Erica frowned turning her red and green stocking upside down and shaking it. “Nope. Nothing in there.”
“Not you, Erica.” He laughed, watching as Leah reached into her red stocking—it had her name embroidered at the top, just like Erica’s did—feeling around in the toe.
“What…?” She looked at him sitting beside her on the couch, feeling the shape of the velvet box under her fingers, eyes growing wide.
“What is it?” Erica inquired from her perch on the arm of the wing-backed chair on the other side of the coffee table. She’d moved so she could spread out her loot.
“Leah...” Rob moved from the sofa, onto one knee on the hardwood floor, and she looked at him in his raggedy slippers and mis-buttoned pajama top, his hair still damp from his trek through the snow to find his missing charges, and thought she had never loved him more than in that moment.
“Oh, Rob...” She felt tears stinging her eyes and couldn’t stop them as she brought the blue velvet box out of her Christmas stocking with shaking hands.
“Listen, I know...” He took a deep breath, and then took her hands in his, closing them around the velvet box. “Things have been hard. And I know it’s soon, too soon after...”

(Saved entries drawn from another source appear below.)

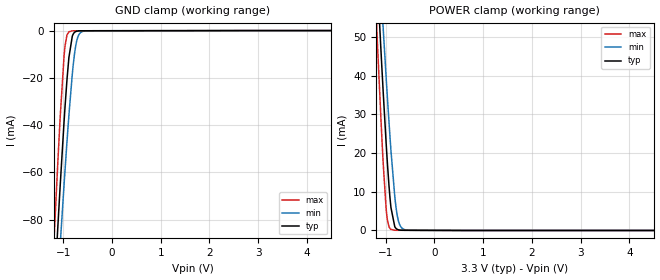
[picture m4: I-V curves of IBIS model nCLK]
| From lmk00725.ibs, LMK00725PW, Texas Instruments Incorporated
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|   Model nCLK
[Model]   nCLK
Model_type   Input
Vinl = 1.2
Vinh = 1.5
|   typ   min   max
|   (nom PVT)   (fast PVT)   (slow PVT)
C_comp   0.302p   0.289p   0.313p
[Voltage Range]   3.3   3.1   3.5
[Temperature Range]   45   125   -40
[Power Clamp Reference]   3.3   3.1   3.5
[GND Clamp Reference]   0   0   0
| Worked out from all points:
|   GND clamp passes 1 mA (typ) near -0.78 V on its own axis
|   POWER clamp passes 1 mA (typ) near -0.82 V on its own axis
[GND Clamp]
|   Voltage   I(typ)   I(min)   I(max)
-3.3V     -971.6mA   -905.8mA   -1.073A
-1.181V   -109.1mA   -130.1mA   -84.95mA
-1.112V   -83.21mA   -106.7mA   -55.88mA
-1.063V   -65.31mA   -90.39mA   -36.4mA
-973.5mV  -35.23mA   -61.95mA   -8.416mA
-924mV    -20.75mA   -47.02mA   -1.82mA
-884.4mV  -11.38mA   -35.77mA   -518.5uA
-815.1mV  -2.415mA   -18.52mA   -122.2uA
-745.8mV  -440.2uA   -6.626mA   -86.13uA
-676.5mV  -122.8uA   -1.646mA   -82.87uA
-577.5mV  -78.68uA   -233.6uA   -80.82uA
6.6V      0A         0A         0A
[POWER Clamp]
|   Voltage   I(typ)   I(min)   I(max)
-3.3V     640.7mA    598mA      708.5mA
-1.191V   69.22mA    82.71mA    54.03mA
-1.181V   66.75mA    80.48mA    51.22mA
-1.092V   44.99mA    60.72mA    27.01mA
-1.053V   35.75mA    52.17mA    17.31mA
-973.5mV  18.74mA    35.74mA    3.364mA
-894.3mV  5.963mA    20.77mA    276.9uA
-815.1mV  970.5uA    8.779mA    59.59uA
-765.6mV  308.6uA    3.979mA    51.59uA
-706.2mV  93.69uA    1.281mA    48.72uA
-607.2mV  49.5uA     200.9uA    44.84uA
6.6V      0A         0A         0A

She shook her head, thinking of Grace, knowing he was thinking of her too. At least she’d gotten to see her, hold her. Rob had never even seen his daughter’s face.
“But I don’t want to lose you, Leah. I don’t want to be without you, ever again. I woke up this morning and found you gone, and I thought… it was like my heart had just walked out the door by itself.”
Leah held back a sob, knowing the feeling so well she lived it every minute. She had lived it for months at the maternity home, missing him with every breath she took like having razor blades in her lungs, and now she had him back, but her baby was gone. She closed her eyes, remembering her wish, feeling tears fall.